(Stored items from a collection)
▽

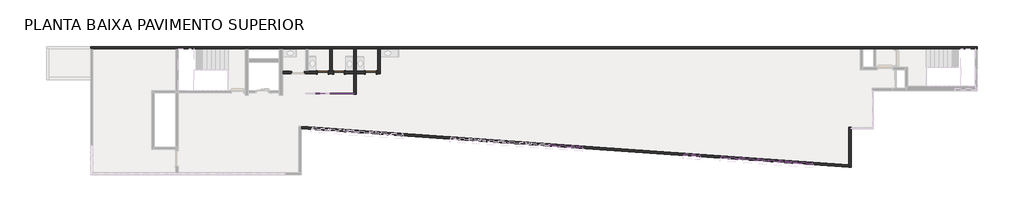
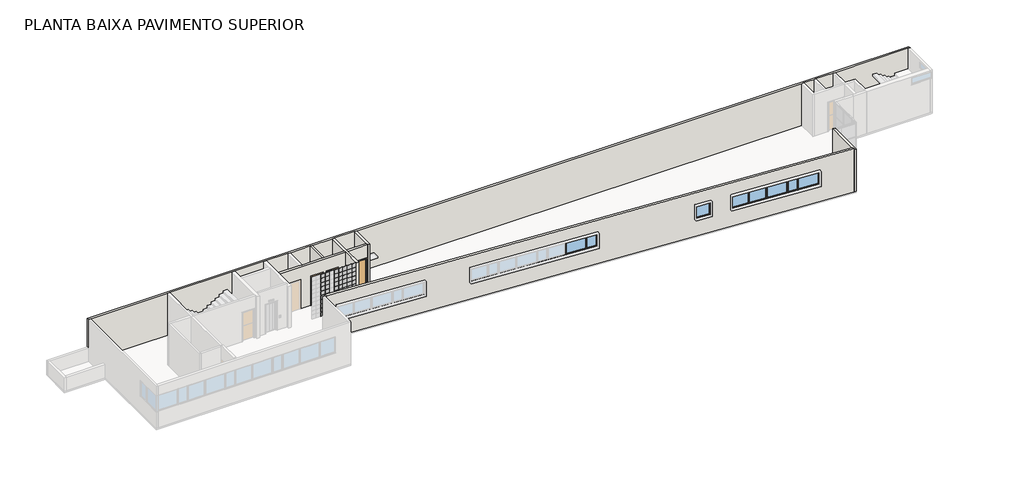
# One storey, part 2 of 4: 66 plates, 8 walls, 8 windows, 3 doors.
"""IFC4 building model written with IfcOpenShell, lengths in millimetres."""

from ifc_helpers import new_model, si_unit, frame, origin, place, context, project, spatial, polyline, outline, extrude, faceted_brep, transform, mapped, element, save
from components import door_700_x_2100_mm_6c6cf384, door_700_x_2100_mm_1d7fae46, painel_do_sistema_73d1a4aa, aluminum_exterior_window_2_wide_3886_0_70_x_1_00m_ebdd4f97, aluminum_exterior_window_2_wide_3886_1_00_x_1_00m_4173611b, aluminum_exterior_window_2_wide_3886_1_20_x_1_00m_ff6d45cf, aluminum_exterior_window_2_wide_3886_1_40_x_1_00m_dec34682

model = new_model("IFC4")

# Units and contexts
model_context = context("Model", 3, world=origin())
ifc_project = project(units=[si_unit("LENGTHUNIT", "METRE", prefix="MILLI")], contexts=[model_context])

# Site, building, storey
site = spatial("IfcSite", under=ifc_project)
building = spatial("IfcBuilding", under=site)
storey = spatial("IfcBuildingStorey", under=building, Name="PLANTA BAIXA PAVIMENTO SUPERIOR", Elevation=4000.0)

# Doors
placement = place(None, origin())
door_700_x_2100_mm_shape = door_700_x_2100_mm_6c6cf384(model_context)
element("IfcDoor", 1, ObjectType="M_Folha única : 700 x 2100 mm", at=placement, inside=storey, context=model_context, shape_type="MappedRepresentation", body=[
    mapped(door_700_x_2100_mm_shape, transform((1495.3673655, -4416.1116245, 4000.0), x_axis=(-1.0, 0.0, 0.0), y_axis=(0.0, -1.0, 0.0), z_axis=(0.0, 0.0, 1.0))),
])
door_700_x_2100_mm_2_shape = door_700_x_2100_mm_1d7fae46(model_context)
element("IfcDoor", 2, ObjectType="M_Folha única : 700 x 2100 mm", at=placement, inside=storey, context=model_context, shape_type="MappedRepresentation", body=[
    mapped(door_700_x_2100_mm_2_shape, transform((445.3673655, -4416.1116245, 4000.0), x_axis=(1.0, 0.0, 0.0), y_axis=(0.0, 1.0, 0.0), z_axis=(0.0, 0.0, 1.0))),
])
element("IfcDoor", 3, ObjectType="M_Folha única : 700 x 2100 mm", at=placement, inside=storey, context=model_context, shape_type="MappedRepresentation", body=[
    mapped(door_700_x_2100_mm_2_shape, transform((3545.3673655, -4416.1116245, 4000.0), x_axis=(1.0, 0.0, 0.0), y_axis=(0.0, 1.0, 0.0), z_axis=(0.0, 0.0, 1.0))),
])

# Plates
painel_do_sistema_shape = painel_do_sistema_73d1a4aa(model_context)
element("IfcPlate", 4, ObjectType="Painel do sistema : Envidraçado", at=placement, inside=storey, context=model_context, shape_type="MappedRepresentation", body=[
    mapped(painel_do_sistema_shape, transform((2290.3673654, -5741.1116245, 4000.0), x_axis=(-1.0, 0.0, 0.0), y_axis=(0.0, -1.0, 0.0), z_axis=(0.0, 0.0, 1.0))),
])
element("IfcPlate", 5, ObjectType="Painel do sistema : Envidraçado", at=placement, inside=storey, context=model_context, shape_type="MappedRepresentation", body=[
    mapped(painel_do_sistema_shape, transform((2290.3673654, -5741.1116245, 4310.0), x_axis=(-1.0, 0.0, 0.0), y_axis=(0.0, -1.0, 0.0), z_axis=(0.0, 0.0, 1.0))),
])
element("IfcPlate", 6, ObjectType="Painel do sistema : Envidraçado", at=placement, inside=storey, context=model_context, shape_type="MappedRepresentation", body=[
    mapped(painel_do_sistema_shape, transform((2290.3673654, -5741.1116245, 4620.0), x_axis=(-1.0, 0.0, 0.0), y_axis=(0.0, -1.0, 0.0), z_axis=(0.0, 0.0, 1.0))),
])
element("IfcPlate", 7, ObjectType="Painel do sistema : Envidraçado", at=placement, inside=storey, context=model_context, shape_type="MappedRepresentation", body=[
    mapped(painel_do_sistema_shape, transform((2290.3673654, -5741.1116245, 4930.0), x_axis=(-1.0, 0.0, 0.0), y_axis=(0.0, -1.0, 0.0), z_axis=(0.0, 0.0, 1.0))),
])
element("IfcPlate", 8, ObjectType="Painel do sistema : Envidraçado", at=placement, inside=storey, context=model_context, shape_type="MappedRepresentation", body=[
    mapped(painel_do_sistema_shape, transform((2290.3673654, -5741.1116245, 5240.0), x_axis=(-1.0, 0.0, 0.0), y_axis=(0.0, -1.0, 0.0), z_axis=(0.0, 0.0, 1.0))),
])
element("IfcPlate", 9, ObjectType="Painel do sistema : Envidraçado", at=placement, inside=storey, context=model_context, shape_type="MappedRepresentation", body=[
    mapped(painel_do_sistema_shape, transform((2290.3673654, -5741.1116245, 5550.0), x_axis=(-1.0, 0.0, 0.0), y_axis=(0.0, -1.0, 0.0), z_axis=(0.0, 0.0, 1.0))),
])
element("IfcPlate", 10, ObjectType="Painel do sistema : Envidraçado", at=placement, inside=storey, context=model_context, shape_type="MappedRepresentation", body=[
    mapped(painel_do_sistema_shape, transform((2290.3673654, -5741.1116245, 5860.0), x_axis=(-1.0, 0.0, 0.0), y_axis=(0.0, -1.0, 0.0), z_axis=(0.0, 0.0, 1.0))),
])
element("IfcPlate", 11, ObjectType="Painel do sistema : Envidraçado", at=placement, inside=storey, context=model_context, shape_type="MappedRepresentation", body=[
    mapped(painel_do_sistema_shape, transform((2290.3673654, -5741.1116245, 6170.0), x_axis=(-1.0, 0.0, 0.0), y_axis=(0.0, -1.0, 0.0), z_axis=(0.0, 0.0, 1.0))),
])
element("IfcPlate", 12, ObjectType="Painel do sistema : Envidraçado", at=placement, inside=storey, context=model_context, shape_type="MappedRepresentation", body=[
    mapped(painel_do_sistema_shape, transform((2290.3673654, -5741.1116245, 6480.0), x_axis=(-1.0, 0.0, 0.0), y_axis=(0.0, -1.0, 0.0), z_axis=(0.0, 0.0, 1.0))),
])
element("IfcPlate", 13, ObjectType="Painel do sistema : Envidraçado", at=placement, inside=storey, context=model_context, shape_type="MappedRepresentation", body=[
    mapped(painel_do_sistema_shape, transform((2290.3673654, -5741.1116245, 6790.0), x_axis=(-1.0, 0.0, 0.0), y_axis=(0.0, -1.0, 0.0), z_axis=(0.0, 0.0, 1.0))),
])
element("IfcPlate", 14, ObjectType="Painel do sistema : Envidraçado", at=placement, inside=storey, context=model_context, shape_type="MappedRepresentation", body=[
    mapped(painel_do_sistema_shape, transform((1980.3673653, -5741.1116245, 4000.0), x_axis=(-1.0, 0.0, 0.0), y_axis=(0.0, -1.0, 0.0), z_axis=(0.0, 0.0, 1.0))),
])
element("IfcPlate", 15, ObjectType="Painel do sistema : Envidraçado", at=placement, inside=storey, context=model_context, shape_type="MappedRepresentation", body=[
    mapped(painel_do_sistema_shape, transform((1980.3673653, -5741.1116245, 4310.0), x_axis=(-1.0, 0.0, 0.0), y_axis=(0.0, -1.0, 0.0), z_axis=(0.0, 0.0, 1.0))),
])
element("IfcPlate", 16, ObjectType="Painel do sistema : Envidraçado", at=placement, inside=storey, context=model_context, shape_type="MappedRepresentation", body=[
    mapped(painel_do_sistema_shape, transform((1980.3673653, -5741.1116245, 4620.0), x_axis=(-1.0, 0.0, 0.0), y_axis=(0.0, -1.0, 0.0), z_axis=(0.0, 0.0, 1.0))),
])
element("IfcPlate", 17, ObjectType="Painel do sistema : Envidraçado", at=placement, inside=storey, context=model_context, shape_type="MappedRepresentation", body=[
    mapped(painel_do_sistema_shape, transform((1980.3673653, -5741.1116245, 4930.0), x_axis=(-1.0, 0.0, 0.0), y_axis=(0.0, -1.0, 0.0), z_axis=(0.0, 0.0, 1.0))),
])
element("IfcPlate", 18, ObjectType="Painel do sistema : Envidraçado", at=placement, inside=storey, context=model_context, shape_type="MappedRepresentation", body=[
    mapped(painel_do_sistema_shape, transform((1980.3673653, -5741.1116245, 5240.0), x_axis=(-1.0, 0.0, 0.0), y_axis=(0.0, -1.0, 0.0), z_axis=(0.0, 0.0, 1.0))),
])
element("IfcPlate", 19, ObjectType="Painel do sistema : Envidraçado", at=placement, inside=storey, context=model_context, shape_type="MappedRepresentation", body=[
    mapped(painel_do_sistema_shape, transform((1980.3673653, -5741.1116245, 5550.0), x_axis=(-1.0, 0.0, 0.0), y_axis=(0.0, -1.0, 0.0), z_axis=(0.0, 0.0, 1.0))),
])
element("IfcPlate", 20, ObjectType="Painel do sistema : Envidraçado", at=placement, inside=storey, context=model_context, shape_type="MappedRepresentation", body=[
    mapped(painel_do_sistema_shape, transform((1980.3673653, -5741.1116245, 5860.0), x_axis=(-1.0, 0.0, 0.0), y_axis=(0.0, -1.0, 0.0), z_axis=(0.0, 0.0, 1.0))),
])
element("IfcPlate", 21, ObjectType="Painel do sistema : Envidraçado", at=placement, inside=storey, context=model_context, shape_type="MappedRepresentation", body=[
    mapped(painel_do_sistema_shape, transform((1980.3673653, -5741.1116245, 6170.0), x_axis=(-1.0, 0.0, 0.0), y_axis=(0.0, -1.0, 0.0), z_axis=(0.0, 0.0, 1.0))),
])
element("IfcPlate", 22, ObjectType="Painel do sistema : Envidraçado", at=placement, inside=storey, context=model_context, shape_type="MappedRepresentation", body=[
    mapped(painel_do_sistema_shape, transform((1980.3673653, -5741.1116245, 6480.0), x_axis=(-1.0, 0.0, 0.0), y_axis=(0.0, -1.0, 0.0), z_axis=(0.0, 0.0, 1.0))),
])
element("IfcPlate", 23, ObjectType="Painel do sistema : Envidraçado", at=placement, inside=storey, context=model_context, shape_type="MappedRepresentation", body=[
    mapped(painel_do_sistema_shape, transform((1980.3673653, -5741.1116245, 6790.0), x_axis=(-1.0, 0.0, 0.0), y_axis=(0.0, -1.0, 0.0), z_axis=(0.0, 0.0, 1.0))),
])
element("IfcPlate", 24, ObjectType="Painel do sistema : Envidraçado", at=placement, inside=storey, context=model_context, shape_type="MappedRepresentation", body=[
    mapped(painel_do_sistema_shape, transform((1670.3673654, -5741.1116245, 4000.0), x_axis=(-1.0, 0.0, 0.0), y_axis=(0.0, -1.0, 0.0), z_axis=(0.0, 0.0, 1.0))),
])
element("IfcPlate", 25, ObjectType="Painel do sistema : Envidraçado", at=placement, inside=storey, context=model_context, shape_type="MappedRepresentation", body=[
    mapped(painel_do_sistema_shape, transform((1670.3673654, -5741.1116245, 4310.0), x_axis=(-1.0, 0.0, 0.0), y_axis=(0.0, -1.0, 0.0), z_axis=(0.0, 0.0, 1.0))),
])
element("IfcPlate", 26, ObjectType="Painel do sistema : Envidraçado", at=placement, inside=storey, context=model_context, shape_type="MappedRepresentation", body=[
    mapped(painel_do_sistema_shape, transform((1670.3673654, -5741.1116245, 4620.0), x_axis=(-1.0, 0.0, 0.0), y_axis=(0.0, -1.0, 0.0), z_axis=(0.0, 0.0, 1.0))),
])
element("IfcPlate", 27, ObjectType="Painel do sistema : Envidraçado", at=placement, inside=storey, context=model_context, shape_type="MappedRepresentation", body=[
    mapped(painel_do_sistema_shape, transform((1670.3673654, -5741.1116245, 4930.0), x_axis=(-1.0, 0.0, 0.0), y_axis=(0.0, -1.0, 0.0), z_axis=(0.0, 0.0, 1.0))),
])
element("IfcPlate", 28, ObjectType="Painel do sistema : Envidraçado", at=placement, inside=storey, context=model_context, shape_type="MappedRepresentation", body=[
    mapped(painel_do_sistema_shape, transform((1670.3673654, -5741.1116245, 5240.0), x_axis=(-1.0, 0.0, 0.0), y_axis=(0.0, -1.0, 0.0), z_axis=(0.0, 0.0, 1.0))),
])
element("IfcPlate", 29, ObjectType="Painel do sistema : Envidraçado", at=placement, inside=storey, context=model_context, shape_type="MappedRepresentation", body=[
    mapped(painel_do_sistema_shape, transform((1670.3673654, -5741.1116245, 5550.0), x_axis=(-1.0, 0.0, 0.0), y_axis=(0.0, -1.0, 0.0), z_axis=(0.0, 0.0, 1.0))),
])
element("IfcPlate", 30, ObjectType="Painel do sistema : Envidraçado", at=placement, inside=storey, context=model_context, shape_type="MappedRepresentation", body=[
    mapped(painel_do_sistema_shape, transform((1670.3673654, -5741.1116245, 5860.0), x_axis=(-1.0, 0.0, 0.0), y_axis=(0.0, -1.0, 0.0), z_axis=(0.0, 0.0, 1.0))),
])
element("IfcPlate", 31, ObjectType="Painel do sistema : Envidraçado", at=placement, inside=storey, context=model_context, shape_type="MappedRepresentation", body=[
    mapped(painel_do_sistema_shape, transform((1670.3673654, -5741.1116245, 6170.0), x_axis=(-1.0, 0.0, 0.0), y_axis=(0.0, -1.0, 0.0), z_axis=(0.0, 0.0, 1.0))),
])
element("IfcPlate", 32, ObjectType="Painel do sistema : Envidraçado", at=placement, inside=storey, context=model_context, shape_type="MappedRepresentation", body=[
    mapped(painel_do_sistema_shape, transform((1670.3673654, -5741.1116245, 6480.0), x_axis=(-1.0, 0.0, 0.0), y_axis=(0.0, -1.0, 0.0), z_axis=(0.0, 0.0, 1.0))),
])
element("IfcPlate", 33, ObjectType="Painel do sistema : Envidraçado", at=placement, inside=storey, context=model_context, shape_type="MappedRepresentation", body=[
    mapped(painel_do_sistema_shape, transform((1670.3673654, -5741.1116245, 6790.0), x_axis=(-1.0, 0.0, 0.0), y_axis=(0.0, -1.0, 0.0), z_axis=(0.0, 0.0, 1.0))),
])
element("IfcPlate", 34, ObjectType="Painel do sistema : Envidraçado", at=placement, inside=storey, context=model_context, shape_type="MappedRepresentation", body=[
    mapped(painel_do_sistema_shape, transform((1360.3673654, -5741.1116245, 4000.0), x_axis=(-1.0, 0.0, 0.0), y_axis=(0.0, -1.0, 0.0), z_axis=(0.0, 0.0, 1.0))),
])
element("IfcPlate", 35, ObjectType="Painel do sistema : Envidraçado", at=placement, inside=storey, context=model_context, shape_type="MappedRepresentation", body=[
    mapped(painel_do_sistema_shape, transform((1360.3673654, -5741.1116245, 4310.0), x_axis=(-1.0, 0.0, 0.0), y_axis=(0.0, -1.0, 0.0), z_axis=(0.0, 0.0, 1.0))),
])
element("IfcPlate", 36, ObjectType="Painel do sistema : Envidraçado", at=placement, inside=storey, context=model_context, shape_type="MappedRepresentation", body=[
    mapped(painel_do_sistema_shape, transform((1360.3673654, -5741.1116245, 4620.0), x_axis=(-1.0, 0.0, 0.0), y_axis=(0.0, -1.0, 0.0), z_axis=(0.0, 0.0, 1.0))),
])
element("IfcPlate", 37, ObjectType="Painel do sistema : Envidraçado", at=placement, inside=storey, context=model_context, shape_type="MappedRepresentation", body=[
    mapped(painel_do_sistema_shape, transform((1360.3673654, -5741.1116245, 4930.0), x_axis=(-1.0, 0.0, 0.0), y_axis=(0.0, -1.0, 0.0), z_axis=(0.0, 0.0, 1.0))),
])
element("IfcPlate", 38, ObjectType="Painel do sistema : Envidraçado", at=placement, inside=storey, context=model_context, shape_type="MappedRepresentation", body=[
    mapped(painel_do_sistema_shape, transform((1360.3673654, -5741.1116245, 5240.0), x_axis=(-1.0, 0.0, 0.0), y_axis=(0.0, -1.0, 0.0), z_axis=(0.0, 0.0, 1.0))),
])
element("IfcPlate", 39, ObjectType="Painel do sistema : Envidraçado", at=placement, inside=storey, context=model_context, shape_type="MappedRepresentation", body=[
    mapped(painel_do_sistema_shape, transform((1360.3673654, -5741.1116245, 5550.0), x_axis=(-1.0, 0.0, 0.0), y_axis=(0.0, -1.0, 0.0), z_axis=(0.0, 0.0, 1.0))),
])
element("IfcPlate", 40, ObjectType="Painel do sistema : Envidraçado", at=placement, inside=storey, context=model_context, shape_type="MappedRepresentation", body=[
    mapped(painel_do_sistema_shape, transform((1360.3673654, -5741.1116245, 5860.0), x_axis=(-1.0, 0.0, 0.0), y_axis=(0.0, -1.0, 0.0), z_axis=(0.0, 0.0, 1.0))),
])
element("IfcPlate", 41, ObjectType="Painel do sistema : Envidraçado", at=placement, inside=storey, context=model_context, shape_type="MappedRepresentation", body=[
    mapped(painel_do_sistema_shape, transform((1360.3673654, -5741.1116245, 6170.0), x_axis=(-1.0, 0.0, 0.0), y_axis=(0.0, -1.0, 0.0), z_axis=(0.0, 0.0, 1.0))),
])
element("IfcPlate", 42, ObjectType="Painel do sistema : Envidraçado", at=placement, inside=storey, context=model_context, shape_type="MappedRepresentation", body=[
    mapped(painel_do_sistema_shape, transform((1360.3673654, -5741.1116245, 6480.0), x_axis=(-1.0, 0.0, 0.0), y_axis=(0.0, -1.0, 0.0), z_axis=(0.0, 0.0, 1.0))),
])
element("IfcPlate", 43, ObjectType="Painel do sistema : Envidraçado", at=placement, inside=storey, context=model_context, shape_type="MappedRepresentation", body=[
    mapped(painel_do_sistema_shape, transform((1360.3673654, -5741.1116245, 6790.0), x_axis=(-1.0, 0.0, 0.0), y_axis=(0.0, -1.0, 0.0), z_axis=(0.0, 0.0, 1.0))),
])
element("IfcPlate", 44, ObjectType="Painel do sistema : Envidraçado", at=placement, inside=storey, context=model_context, shape_type="MappedRepresentation", body=[
    mapped(painel_do_sistema_shape, transform((1050.3673655, -5741.1116245, 4000.0), x_axis=(-1.0, 0.0, 0.0), y_axis=(0.0, -1.0, 0.0), z_axis=(0.0, 0.0, 1.0))),
])
element("IfcPlate", 45, ObjectType="Painel do sistema : Envidraçado", at=placement, inside=storey, context=model_context, shape_type="MappedRepresentation", body=[
    mapped(painel_do_sistema_shape, transform((1050.3673655, -5741.1116245, 4310.0), x_axis=(-1.0, 0.0, 0.0), y_axis=(0.0, -1.0, 0.0), z_axis=(0.0, 0.0, 1.0))),
])
element("IfcPlate", 46, ObjectType="Painel do sistema : Envidraçado", at=placement, inside=storey, context=model_context, shape_type="MappedRepresentation", body=[
    mapped(painel_do_sistema_shape, transform((1050.3673655, -5741.1116245, 4620.0), x_axis=(-1.0, 0.0, 0.0), y_axis=(0.0, -1.0, 0.0), z_axis=(0.0, 0.0, 1.0))),
])
element("IfcPlate", 47, ObjectType="Painel do sistema : Envidraçado", at=placement, inside=storey, context=model_context, shape_type="MappedRepresentation", body=[
    mapped(painel_do_sistema_shape, transform((1050.3673655, -5741.1116245, 4930.0), x_axis=(-1.0, 0.0, 0.0), y_axis=(0.0, -1.0, 0.0), z_axis=(0.0, 0.0, 1.0))),
])
element("IfcPlate", 48, ObjectType="Painel do sistema : Envidraçado", at=placement, inside=storey, context=model_context, shape_type="MappedRepresentation", body=[
    mapped(painel_do_sistema_shape, transform((1050.3673655, -5741.1116245, 5240.0), x_axis=(-1.0, 0.0, 0.0), y_axis=(0.0, -1.0, 0.0), z_axis=(0.0, 0.0, 1.0))),
])
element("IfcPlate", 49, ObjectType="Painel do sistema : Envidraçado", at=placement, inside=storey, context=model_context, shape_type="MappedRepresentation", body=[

△

Once a line of the records is found to contain "IfcDoor", copy it out.

[The completed task]
element("IfcDoor", 1, ObjectType="M_Folha única : 700 x 2100 mm", at=placement, inside=storey, context=model_context, shape_type="MappedRepresentation", body=[
element("IfcDoor", 2, ObjectType="M_Folha única : 700 x 2100 mm", at=placement, inside=storey, context=model_context, shape_type="MappedRepresentation", body=[
element("IfcDoor", 3, ObjectType="M_Folha única : 700 x 2100 mm", at=placement, inside=storey, context=model_context, shape_type="MappedRepresentation", body=[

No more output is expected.